Luckily, we can use the log-binomial model to estimate contrasts in risks.
```{r regression-logbin}
fitlbin <- glm(
sbp_hi ~ qsmk,
data = nhefs,
family = binomial(link = "log")
)
summary(fitlbin)
```
To get the risk ratio for the effect of quitting smoking on weight gain, we again exponentiate the beta coefficient of interest and, in doing so, estimate that those who quit smoking were `r round(exp(coef(fitlbin)["qsmk"]), 3)` times as likely to gain weight versus non-smokers.
[**Try this** Calculate the risk ratio manually and convince yourself that the log-binomial model gave you the correct answer.]{.marginnote .idea}
### Modified Poisson regression
Another way to get a risk ratio using GLMs involves a procedure called modified Poisson regression. "Modified" here refers to a necessary modification of the standard error estimates when using a Poisson regression model to estimate a risk ratio. Again, save the statistical details for later.

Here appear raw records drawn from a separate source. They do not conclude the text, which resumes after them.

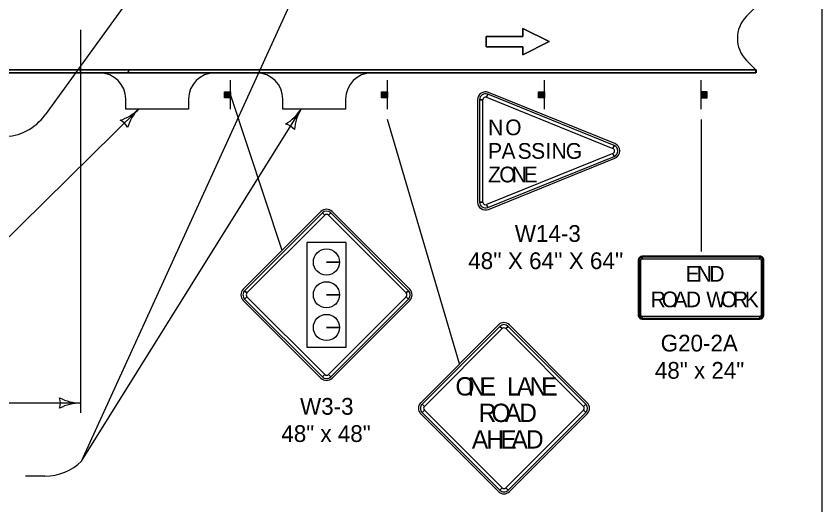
# Model space of a CAD drawing. Extents: x -2134934 to -2122394, y -2139046 to -2137036.
# Drawn here: x -2127867 to -2127097, y -2138081 to -2137614 of the extents above; entities that cross this region are included whole.
import ezdxf

# ---------------------------------------------------------------- set-up
doc = ezdxf.new("R2010")
doc.units = 0
for name, color, linetype in [('Barrier', 7, 'Continuous'), ('BridgeSuperStructureExisting', 7, 'Continuous'), ('Default', 7, 'Continuous'), ('DsnShtPlotIdentification', 7, 'Continuous'), ('DsnShtPlotShape', 7, 'Continuous')]:
    doc.layers.add(name, color=color, linetype=linetype)

msp = doc.modelspace()

# ---------------------------------------------------------------- linework, layer by layer
at = {"layer": 'Barrier'}
for p, q in [((-2127417.35, -2137691.45), (-2127416.18, -2137688.56)), ((-2127294.65, -2137735.69), (-2127415.48, -2137686.82)), ((-2127425.79, -2137693.77), (-2127425.79, -2137791.52)), ((-2127423.92, -2137693.77), (-2127420.79, -2137693.77)), ((-2127295.36, -2137737.43), (-2127296.53, -2137740.33)), ((-2127296.53, -2137744.96), (-2127295.36, -2137747.86)), ((-2127415.48, -2137798.48), (-2127294.65, -2137749.6)), ((-2127420.79, -2137791.52), (-2127423.92, -2137791.52)), ((-2127575.46, -2137800.5), (-2127649.71, -2137874.75)), ((-2127490.61, -2137874.75), (-2127564.86, -2137800.5)), ((-2127416.18, -2137796.74), (-2127417.35, -2137793.84)), ((-2127574.14, -2137801.83), (-2127571.93, -2137804.03)), ((-2127568.39, -2137804.03), (-2127566.18, -2137801.83)), ((-2127156.17, -2137843.14), (-2127268.67, -2137843.14)), ((-2127268.67, -2137845.64), (-2127268.67, -2137844.08)), ((-2127156.17, -2137844.08), (-2127156.17, -2137845.64)), ((-2127557.75, -2137848.72), (-2127570.25, -2137848.72)), ((-2127570.25, -2137848.72), (-2127557.75, -2137848.72)), ((-2127272.42, -2137846.89), (-2127272.42, -2137899.39)), ((-2127271.48, -2137846.89), (-2127269.92, -2137846.89)), ((-2127154.92, -2137846.89), (-2127153.35, -2137846.89)), ((-2127152.42, -2137899.39), (-2127152.42, -2137846.89)), ((-2127646.17, -2137878.28), (-2127648.38, -2137876.07)), ((-2127491.94, -2137876.07), (-2127494.14, -2137878.28)), ((-2127648.38, -2137884.03), (-2127646.17, -2137881.82)), ((-2127557.75, -2137879.97), (-2127570.25, -2137879.97)), ((-2127570.25, -2137879.97), (-2127557.75, -2137879.97)), ((-2127494.14, -2137881.82), (-2127491.94, -2137884.03)), ((-2127649.71, -2137885.35), (-2127575.46, -2137959.6)), ((-2127564.86, -2137959.6), (-2127490.61, -2137885.35)), ((-2127269.92, -2137899.39), (-2127271.48, -2137899.39)), ((-2127153.35, -2137899.39), (-2127154.92, -2137899.39)), ((-2127268.67, -2137902.2), (-2127268.67, -2137900.64)), ((-2127268.67, -2137903.14), (-2127156.17, -2137903.14)), ((-2127156.17, -2137900.64), (-2127156.17, -2137902.2)), ((-2127557.75, -2137911.22), (-2127570.25, -2137911.22)), ((-2127570.25, -2137911.22), (-2127557.75, -2137911.22)), ((-2127405.98, -2137908.8), (-2127480.23, -2137983.04)), ((-2127404.66, -2137910.12), (-2127402.45, -2137912.33)), ((-2127398.91, -2137912.33), (-2127396.7, -2137910.12)), ((-2127321.13, -2137983.04), (-2127395.38, -2137908.8)), ((-2127571.93, -2137956.06), (-2127574.14, -2137958.27)), ((-2127566.18, -2137958.27), (-2127568.39, -2137956.06)), ((-2127476.7, -2137986.58), (-2127478.9, -2137984.37)), ((-2127322.46, -2137984.37), (-2127324.67, -2137986.58)), ((-2127478.9, -2137992.32), (-2127476.7, -2137990.11)), ((-2127324.67, -2137990.11), (-2127322.46, -2137992.32)), ((-2127480.23, -2137993.65), (-2127405.98, -2138067.9)), ((-2127395.38, -2138067.9), (-2127321.13, -2137993.65)), ((-2127402.45, -2138064.36), (-2127404.66, -2138066.57)), ((-2127396.7, -2138066.57), (-2127398.91, -2138064.36))]:
    msp.add_line(p, q, dxfattribs=at)
for points in [[(-2127295.36, -2137737.43), (-2127416.18, -2137688.56), (-2127417.35, -2137691.45), (-2127296.53, -2137740.33), (-2127295.36, -2137737.43)], [(-2127423.92, -2137693.77), (-2127423.92, -2137791.52), (-2127420.79, -2137791.52), (-2127420.79, -2137693.77), (-2127423.92, -2137693.77)], [(-2127416.18, -2137796.74), (-2127295.36, -2137747.86), (-2127296.53, -2137744.96), (-2127417.35, -2137793.84), (-2127416.18, -2137796.74)], [(-2127574.14, -2137801.83), (-2127648.38, -2137876.07), (-2127646.17, -2137878.28), (-2127571.93, -2137804.03), (-2127574.14, -2137801.83)], [(-2127491.94, -2137876.07), (-2127566.18, -2137801.83), (-2127568.39, -2137804.03), (-2127494.14, -2137878.28), (-2127491.94, -2137876.07)], [(-2127551.43, -2137830.1), (-2127588.89, -2137830.1), (-2127588.89, -2137929.99), (-2127551.43, -2137929.99), (-2127551.43, -2137830.1)], [(-2127156.17, -2137844.08), (-2127268.67, -2137844.08), (-2127268.67, -2137845.64), (-2127156.17, -2137845.64), (-2127156.17, -2137844.08)], [(-2127271.48, -2137846.89), (-2127271.48, -2137899.39), (-2127269.92, -2137899.39), (-2127269.92, -2137846.89), (-2127271.48, -2137846.89)], [(-2127153.35, -2137899.39), (-2127153.35, -2137846.89), (-2127154.92, -2137846.89), (-2127154.92, -2137899.39), (-2127153.35, -2137899.39)], [(-2127648.38, -2137884.03), (-2127574.14, -2137958.27), (-2127571.93, -2137956.06), (-2127646.17, -2137881.82), (-2127648.38, -2137884.03)], [(-2127566.18, -2137958.27), (-2127491.94, -2137884.03), (-2127494.14, -2137881.82), (-2127568.39, -2137956.06), (-2127566.18, -2137958.27)], [(-2127268.67, -2137902.2), (-2127156.17, -2137902.2), (-2127156.17, -2137900.64), (-2127268.67, -2137900.64), (-2127268.67, -2137902.2)], [(-2127404.66, -2137910.12), (-2127478.9, -2137984.37), (-2127476.7, -2137986.58), (-2127402.45, -2137912.33), (-2127404.66, -2137910.12)], [(-2127322.46, -2137984.37), (-2127396.7, -2137910.12), (-2127398.91, -2137912.33), (-2127324.67, -2137986.58), (-2127322.46, -2137984.37)], [(-2127478.9, -2137992.32), (-2127404.66, -2138066.57), (-2127402.45, -2138064.36), (-2127476.7, -2137990.11), (-2127478.9, -2137992.32)], [(-2127396.7, -2138066.57), (-2127322.46, -2137992.32), (-2127324.67, -2137990.11), (-2127398.91, -2138064.36), (-2127396.7, -2138066.57)]]:
    msp.add_lwpolyline(points, close=True, dxfattribs=at)
for centre in [(-2127570.25, -2137848.72), (-2127570.25, -2137879.97), (-2127570.25, -2137911.22)]:
    msp.add_circle(centre, 12.5, dxfattribs=at)
for centre, radius, start, end in [((-2127418.29, -2137693.77), 7.5, 67.97571, 179.99985), ((-2127418.29, -2137693.77), 5.62, 67.97571, 179.99985), ((-2127418.29, -2137693.77), 2.5, 67.97571, 179.99985), ((-2127297.47, -2137742.65), 5.62, 292.02456, 67.97541), ((-2127297.47, -2137742.65), 7.5, 292.02456, 67.97598), ((-2127297.47, -2137742.65), 2.5, 292.02456, 67.97541), ((-2127418.29, -2137791.52), 7.5, 179.99985, 292.02456), ((-2127418.29, -2137791.52), 5.62, 179.99985, 292.02456), ((-2127418.29, -2137791.52), 2.5, 179.99985, 292.02456), ((-2127570.16, -2137805.8), 7.5, 44.99999, 134.99974), ((-2127570.16, -2137805.8), 5.62, 44.99999, 134.99974), ((-2127570.16, -2137805.8), 2.5, 44.99999, 134.99974), ((-2127268.67, -2137846.89), 3.75, 90.00021, 179.99985), ((-2127268.67, -2137846.89), 2.81, 90.00021, 179.99985), ((-2127268.67, -2137846.89), 1.25, 90.00021, 179.99985), ((-2127156.17, -2137846.89), 3.75, 0, 90.00021), ((-2127156.17, -2137846.89), 2.81, 0, 90.00021), ((-2127156.17, -2137846.89), 1.25, 0, 90.00021), ((-2127644.41, -2137880.05), 7.5, 134.99974, 224.99995), ((-2127644.41, -2137880.05), 5.62, 134.99974, 224.99995), ((-2127495.91, -2137880.05), 5.62, 315.00016, 44.9998), ((-2127495.91, -2137880.05), 7.5, 315.00016, 44.9998), ((-2127644.41, -2137880.05), 2.5, 134.99974, 224.99995), ((-2127495.91, -2137880.05), 2.5, 315.00016, 44.9998), ((-2127268.67, -2137899.39), 3.75, 179.99985, 270.00006), ((-2127268.67, -2137899.39), 2.81, 179.99985, 270.00006), ((-2127268.67, -2137899.39), 1.25, 179.99985, 270.00006), ((-2127156.17, -2137899.39), 3.75, 270.00006, 0.00027), ((-2127156.17, -2137899.39), 2.81, 270.00006, 0.00027), ((-2127156.17, -2137899.39), 1.25, 270.00006, 0.00027), ((-2127400.68, -2137914.1), 7.5, 44.99999, 134.99974), ((-2127400.68, -2137914.1), 5.62, 44.99999, 134.99974), ((-2127400.68, -2137914.1), 2.5, 44.99999, 134.99974), ((-2127570.16, -2137954.29), 7.5, 224.99995, 315.00016), ((-2127570.16, -2137954.29), 5.62, 224.99995, 315.00016), ((-2127570.16, -2137954.29), 2.5, 224.99995, 315.00016), ((-2127474.93, -2137988.35), 7.5, 134.99974, 224.99995), ((-2127474.93, -2137988.35), 5.62, 134.99974, 224.99995), ((-2127326.44, -2137988.35), 5.62, 315.00016, 44.9998), ((-2127326.44, -2137988.35), 7.5, 315.00016, 44.9998), ((-2127474.93, -2137988.35), 2.5, 134.99974, 224.99995), ((-2127326.44, -2137988.35), 2.5, 315.00016, 44.9998), ((-2127400.68, -2138062.59), 7.5, 224.99995, 315.00016), ((-2127400.68, -2138062.59), 5.62, 224.99995, 315.00016), ((-2127400.68, -2138062.59), 2.5, 224.99995, 315.00016)]:
    msp.add_arc(centre, radius, start, end, dxfattribs=at)
at = {"layer": 'BridgeSuperStructureExisting'}
for p, q in [((-2127686.42, -2137497.23), (-2127838.98, -2137708.29)), ((-2127804.12, -2138038.74), (-2127571.87, -2137530.07)), ((-2127168.91, -2137613.95), (-2127151.33, -2137596.37)), ((-2127805.12, -2137627.09), (-2127805.12, -2137992.63)), ((-2127160.12, -2137665.16), (-2127168.91, -2137656.37)), ((-2127168.9, -2137656.38), (-2127160.12, -2137665.16)), ((-2128470.12, -2137665.16), (-2127160.12, -2137665.16)), ((-2127786.92, -2137668.16), (-2127676.92, -2137668.16)), ((-2127636.92, -2137668.16), (-2127526.92, -2137668.16)), ((-2127661.96, -2137702.66), (-2127661.96, -2137675.16)), ((-2127511.96, -2137702.66), (-2127511.96, -2137675.16)), ((-2127361.96, -2137702.66), (-2127361.96, -2137675.16)), ((-2127212.15, -2137702.66), (-2127212.15, -2137675.16)), ((-2127667.28, -2137691.8), (-2127667.28, -2137686.21)), ((-2127666.96, -2137686.21), (-2127666.96, -2137691.8)), ((-2127666.74, -2137691.8), (-2127666.74, -2137686.21)), ((-2127666.42, -2137686.21), (-2127666.42, -2137691.8)), ((-2127666.19, -2137691.8), (-2127666.21, -2137686.21)), ((-2127665.78, -2137686.21), (-2127665.76, -2137691.8)), ((-2127665.56, -2137691.8), (-2127665.56, -2137686.21)), ((-2127665.13, -2137686.21), (-2127665.13, -2137691.8)), ((-2127664.75, -2137691.8), (-2127664.75, -2137686.21)), ((-2127664.43, -2137686.21), (-2127664.41, -2137691.8)), ((-2127664.21, -2137691.8), (-2127664.21, -2137686.21)), ((-2127663.94, -2137686.21), (-2127663.94, -2137691.8)), ((-2127663.61, -2137691.8), (-2127663.61, -2137686.21)), ((-2127663.4, -2137686.21), (-2127663.4, -2137691.8)), ((-2127663.18, -2137691.8), (-2127663.18, -2137686.21)), ((-2127662.91, -2137686.21), (-2127662.91, -2137691.8)), ((-2127662.65, -2137691.8), (-2127662.65, -2137686.21)), ((-2127662.37, -2137686.21), (-2127662.37, -2137691.8)), ((-2127612.59, -2137837.62), (-2127661.96, -2137688.91)), ((-2127517.28, -2137691.8), (-2127517.28, -2137686.21)), ((-2127516.96, -2137686.21), (-2127516.96, -2137691.8)), ((-2127516.74, -2137691.8), (-2127516.74, -2137686.21)), ((-2127516.42, -2137686.21), (-2127516.42, -2137691.8)), ((-2127516.19, -2137691.8), (-2127516.21, -2137686.21)), ((-2127515.78, -2137686.21), (-2127515.76, -2137691.8)), ((-2127515.56, -2137691.8), (-2127515.56, -2137686.21)), ((-2127515.13, -2137686.21), (-2127515.13, -2137691.8)), ((-2127514.75, -2137691.8), (-2127514.75, -2137686.21)), ((-2127514.43, -2137686.21), (-2127514.41, -2137691.8)), ((-2127514.21, -2137691.8), (-2127514.21, -2137686.21)), ((-2127513.94, -2137686.21), (-2127513.94, -2137691.8)), ((-2127513.61, -2137691.8), (-2127513.61, -2137686.21)), ((-2127513.4, -2137686.21), (-2127513.4, -2137691.8)), ((-2127513.18, -2137691.8), (-2127513.18, -2137686.21)), ((-2127512.91, -2137686.21), (-2127512.91, -2137691.8)), ((-2127512.65, -2137691.8), (-2127512.65, -2137686.21)), ((-2127512.37, -2137686.21), (-2127512.37, -2137691.8)), ((-2127367.28, -2137691.8), (-2127367.28, -2137686.21)), ((-2127366.96, -2137686.21), (-2127366.96, -2137691.8)), ((-2127366.74, -2137691.8), (-2127366.74, -2137686.21)), ((-2127366.42, -2137686.21), (-2127366.42, -2137691.8)), ((-2127366.19, -2137691.8), (-2127366.21, -2137686.21)), ((-2127365.78, -2137686.21), (-2127365.76, -2137691.8)), ((-2127365.56, -2137691.8), (-2127365.56, -2137686.21)), ((-2127365.13, -2137686.21), (-2127365.13, -2137691.8)), ((-2127364.75, -2137691.8), (-2127364.75, -2137686.21)), ((-2127364.43, -2137686.21), (-2127364.41, -2137691.8)), ((-2127364.21, -2137691.8), (-2127364.21, -2137686.21)), ((-2127363.94, -2137686.21), (-2127363.94, -2137691.8)), ((-2127363.61, -2137691.8), (-2127363.61, -2137686.21)), ((-2127363.4, -2137686.21), (-2127363.4, -2137691.8)), ((-2127363.18, -2137691.8), (-2127363.18, -2137686.21)), ((-2127362.91, -2137686.21), (-2127362.91, -2137691.8)), ((-2127362.65, -2137691.8), (-2127362.65, -2137686.21)), ((-2127362.37, -2137686.21), (-2127362.37, -2137691.8)), ((-2127211.73, -2137686.21), (-2127211.73, -2137691.8)), ((-2127211.45, -2137691.8), (-2127211.45, -2137686.21)), ((-2127211.19, -2137686.21), (-2127211.19, -2137691.8)), ((-2127210.93, -2137691.8), (-2127210.93, -2137686.21)), ((-2127210.7, -2137686.21), (-2127210.7, -2137691.8)), ((-2127210.5, -2137691.8), (-2127210.5, -2137686.21)), ((-2127210.16, -2137686.21), (-2127210.16, -2137691.8)), ((-2127209.9, -2137691.8), (-2127209.9, -2137686.21)), ((-2127209.67, -2137686.21), (-2127209.69, -2137691.8)), ((-2127209.35, -2137691.8), (-2127209.35, -2137686.21)), ((-2127208.98, -2137686.21), (-2127208.98, -2137691.8)), ((-2127208.55, -2137691.8), (-2127208.55, -2137686.21)), ((-2127208.32, -2137686.21), (-2127208.34, -2137691.8)), ((-2127207.91, -2137691.8), (-2127207.89, -2137686.21)), ((-2127207.68, -2137686.21), (-2127207.68, -2137691.8)), ((-2127207.36, -2137691.8), (-2127207.36, -2137686.21)), ((-2127207.14, -2137686.21), (-2127207.14, -2137691.8)), ((-2127206.82, -2137691.8), (-2127206.82, -2137686.21)), ((-2127937.83, -2137887.94), (-2127749.7, -2137702.65)), ((-2127804.12, -2138038.74), (-2127594.47, -2137702.65)), ((-2127443.11, -2137945.92), (-2127511.96, -2137712.66)), ((-2127211.96, -2137838.71), (-2127211.96, -2137712.66)), ((-2127805.12, -2137983.33), (-2128464.54, -2137983.33)), ((-2127839.21, -2138053.11), (-2127857.67, -2138053.11))]:
    msp.add_line(p, q, dxfattribs=at)
for points in [[(-2127417.52, -2137633.32), (-2127417.52, -2137643.32), (-2127382.52, -2137643.32), (-2127382.52, -2137650.82), (-2127357.52, -2137638.32), (-2127382.52, -2137625.82), (-2127382.52, -2137633.32)], [(-2127662.05, -2137686.21), (-2127662.05, -2137691.84), (-2127667.68, -2137691.84), (-2127667.68, -2137686.21)], [(-2127512.05, -2137686.21), (-2127512.05, -2137691.84), (-2127517.68, -2137691.84), (-2127517.68, -2137686.21)], [(-2127362.05, -2137686.21), (-2127362.05, -2137691.84), (-2127367.68, -2137691.84), (-2127367.68, -2137686.21)], [(-2127212.05, -2137686.21), (-2127212.05, -2137691.84), (-2127206.43, -2137691.84), (-2127206.43, -2137686.21)]]:
    msp.add_lwpolyline(points, close=True, dxfattribs=at)
for points in [[(-2127382.52, -2137633.32), (-2127382.52, -2137625.82), (-2127357.52, -2137638.32), (-2127382.52, -2137650.82), (-2127382.52, -2137643.32), (-2127417.52, -2137643.32), (-2127417.52, -2137633.32), (-2127382.52, -2137633.32)], [(-2127701.92, -2137693.16), (-2127701.92, -2137702.65), (-2127761.92, -2137702.65), (-2127761.92, -2137693.16)], [(-2127551.92, -2137693.16), (-2127551.92, -2137702.65), (-2127611.92, -2137702.65), (-2127611.92, -2137693.16)]]:
    msp.add_lwpolyline(points, dxfattribs=at)
for centre, radius, start, end in [((-2127147.69, -2137635.16), 30, 135, 225), ((-2127147.69, -2137635.16), 30, 135, 225), ((-2127786.92, -2137693.16), 25, 0, 90), ((-2127676.92, -2137693.16), 25, 90, 180), ((-2127636.92, -2137693.16), 25, 0, 90), ((-2127526.92, -2137693.16), 25, 90, 180), ((-2127879.5, -2137678.99), 50, 270, 324.13795), ((-2127839.21, -2138003.11), 50, 270, 314.56349)]:
    msp.add_arc(centre, radius, start, end, dxfattribs=at)
at = {"layer": 'Default'}
msp.add_lwpolyline([(-2130231.95, -2137035.95), (-2127096.96, -2137035.95), (-2127096.96, -2139045.94), (-2130231.95, -2139045.94)], close=True, dxfattribs=at)
at = {"layer": 'DsnShtPlotIdentification'}
for p, q in [((-2128660.12, -2137665.16), (-2127159.5, -2137665.16)), ((-2127805.12, -2137665.16), (-2128280.26, -2137665.16)), ((-2128278.09, -2137668.16), (-2127805.12, -2137668.16)), ((-2127805.12, -2137668.16), (-2127805.12, -2137665.16)), ((-2127805.12, -2137665.16), (-2127805.12, -2137668.16)), ((-2127758.7, -2137665.16), (-2127805.12, -2137665.16)), ((-2127805.12, -2137668.16), (-2127759.9, -2137668.16)), ((-2127759.9, -2137668.16), (-2127758.7, -2137665.16)), ((-2127758.7, -2137665.16), (-2127759.9, -2137668.16)), ((-2127759.9, -2137668.16), (-2127160.12, -2137668.16)), ((-2127160.12, -2137665.16), (-2127758.7, -2137665.16)), ((-2127160.12, -2137668.16), (-2127160.12, -2137665.16)), ((-2127159.5, -2137668.16), (-2127159.5, -2137665.16))]:
    msp.add_line(p, q, dxfattribs=at)
for points in [[(-2127160.12, -2137665.16), (-2128470.12, -2137665.16)], [(-2127160.12, -2137668.16), (-2128470.12, -2137668.16)]]:
    msp.add_lwpolyline(points, dxfattribs=at)
at = {"layer": 'DsnShtPlotShape'}
for centre, radius, start, end in [((-2127779.89, -2137672.74), 42.5, 287.19716, 315.26965), ((-2127719.51, -2137732.56), 42.5, 135.26965, 163.34214), ((-2127630.52, -2137680.15), 42.5, 299.97081, 328.0433), ((-2127558.41, -2137725.14), 42.5, 148.0433, 176.11579), ((-2127774.78, -2137727.96), 16.42, 27.53629, 63.003), ((-2127613.33, -2137732.88), 16.42, 40.30995, 75.77665), ((-2127840.75, -2137983.33), 16.42, 342.26665, 17.73335), ((-2127805.12, -2137940.83), 42.5, 241.92751, 270), ((-2127805.12, -2138025.83), 42.5, 90, 118.07249)]:
    msp.add_arc(centre, radius, start, end, dxfattribs=at)

# ---------------------------------------------------------------- texts
at = {"layer": 'Barrier'}
for s, height, p in [('N', 15, (-2127415.82, -2137727.65)), ('O', 15, (-2127399.48, -2137727.65)), ('P', 15, (-2127415.82, -2137750.15)), ('A', 15, (-2127402.93, -2137750.15)), ('S', 15, (-2127387.58, -2137750.15)), ('S', 15, (-2127374.69, -2137750.15)), ('I', 15, (-2127361.09, -2137750.15)), ('N', 15, (-2127355.23, -2137750.15)), ('G', 15, (-2127341.64, -2137750.15)), ('Z', 15, (-2127415.82, -2137772.65)), ('O', 15, (-2127405.09, -2137772.65)), ('N', 15, (-2127393.26, -2137772.65)), ('E', 15, (-2127381.89, -2137772.65)), ('W14-3', 16, (-2127390.28, -2137829.48)), ("48'' X 64'' X 64''", 16, (-2127434.77, -2137855.47)), ('E', 15, (-2127227.09, -2137867.51)), ('N', 15, (-2127216.47, -2137867.51)), ('D', 15, (-2127204.39, -2137867.51)), ('R', 15, (-2127260.56, -2137891.89)), ('O', 15, (-2127249.87, -2137891.89)), ('A', 15, (-2127238.72, -2137891.89)), ('D', 15, (-2127226.86, -2137891.89)), ('W', 15, (-2127207.4, -2137891.89)), ('O', 15, (-2127193.67, -2137891.89)), ('R', 15, (-2127181.9, -2137891.89)), ('K', 15, (-2127170.61, -2137891.89)), ('G20-2A', 16, (-2127250.95, -2137934.14)), ('48" x 24"', 16, (-2127256.48, -2137960.14)), ('O', 17.5, (-2127446.97, -2137976.16)), ('N', 17.5, (-2127435.19, -2137976.16)), ('E', 17.5, (-2127423.96, -2137976.16)), ('L', 17.5, (-2127397.71, -2137976.16)), ('A', 17.5, (-2127388.52, -2137976.16)), ('N', 17.5, (-2127376.25, -2137976.16)), ('E', 17.5, (-2127365.02, -2137976.16)), ('W3-3', 16, (-2127595.45, -2137994.51)), ('R', 17.5, (-2127424.86, -2138001.47)), ('O', 17.5, (-2127412.57, -2138001.47)), ('A', 17.5, (-2127399.73, -2138001.47)), ('D', 17.5, (-2127386.08, -2138001.47)), ('48" x 48"', 16, (-2127613.33, -2138020.51)), ('A', 17.5, (-2127431.3, -2138026.78)), ('H', 17.5, (-2127417.43, -2138026.78)), ('E', 17.5, (-2127404.21, -2138026.78)), ('A', 17.5, (-2127393.5, -2138026.78)), ('D', 17.5, (-2127379.64, -2138026.78))]:
    msp.add_text(s, height=height, dxfattribs=at).set_placement(p)

doc.saveas('drawing.dxf')
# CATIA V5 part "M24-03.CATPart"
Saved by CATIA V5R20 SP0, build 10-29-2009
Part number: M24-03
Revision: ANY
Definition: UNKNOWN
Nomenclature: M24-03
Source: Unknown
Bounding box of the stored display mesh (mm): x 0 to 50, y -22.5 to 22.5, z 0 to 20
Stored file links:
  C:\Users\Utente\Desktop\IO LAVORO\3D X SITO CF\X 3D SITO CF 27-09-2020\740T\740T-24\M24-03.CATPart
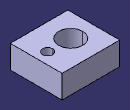
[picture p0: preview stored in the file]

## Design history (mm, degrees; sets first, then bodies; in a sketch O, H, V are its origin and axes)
Body1 "NONE" (main body)
  Solid1: solid without history

All we want to know for the moment are the nuts-and-bolts: how to fit the model and how to modify the standard errors.
```{r regression-modpois}
fitmodpois <- glm(
sbp_hi ~ qsmk,
data = nhefs,
family = poisson()
)
summary(fitmodpois)
```
Let's compare the `qsmk` coefficient estimate to the one we got using the log-binomial model:
```{r regression-compare-lbin-modpois}
modcompare <- rbind(
broom::tidy(fitlbin) %>% mutate(model = "Log-binomial"),
broom::tidy(fitmodpois) %>% mutate(model = "Modified Poisson")
) %>%
filter(term == "qsmk") %>%
select(model, estimate, std.error)
modcompare %>%
knitr::kable()
```
Almost exactly the same point estimate, but we can see that the standard error from the modified Poisson model is considerably larger than that of the log-binomial model's.
To get a correct standard error for the modified Poisson model, we need to use a "robust" estimate of this error, also called the sandwich estimator:
```{r sandwich}
# sandwich() provided by the sandwich package
# first, get the variance-covariance matrix
swvar_modpois <- sandwich::sandwich(fitmodpois)
# extract the variance of the qsmk coefficient and
# take the square root to get the standard error
sqrt(swvar_modpois[2, 2])
```
Compare this modified standard error to that of the log-binomial model. We've accounted for the conservative estimate in the original modified Poisson model.
For more complex models, the log-binomial and modified Poisson models may provide slightly different answers. Each has other benefits and drawbacks that you will learn about if and when you take a class that introduces these methods.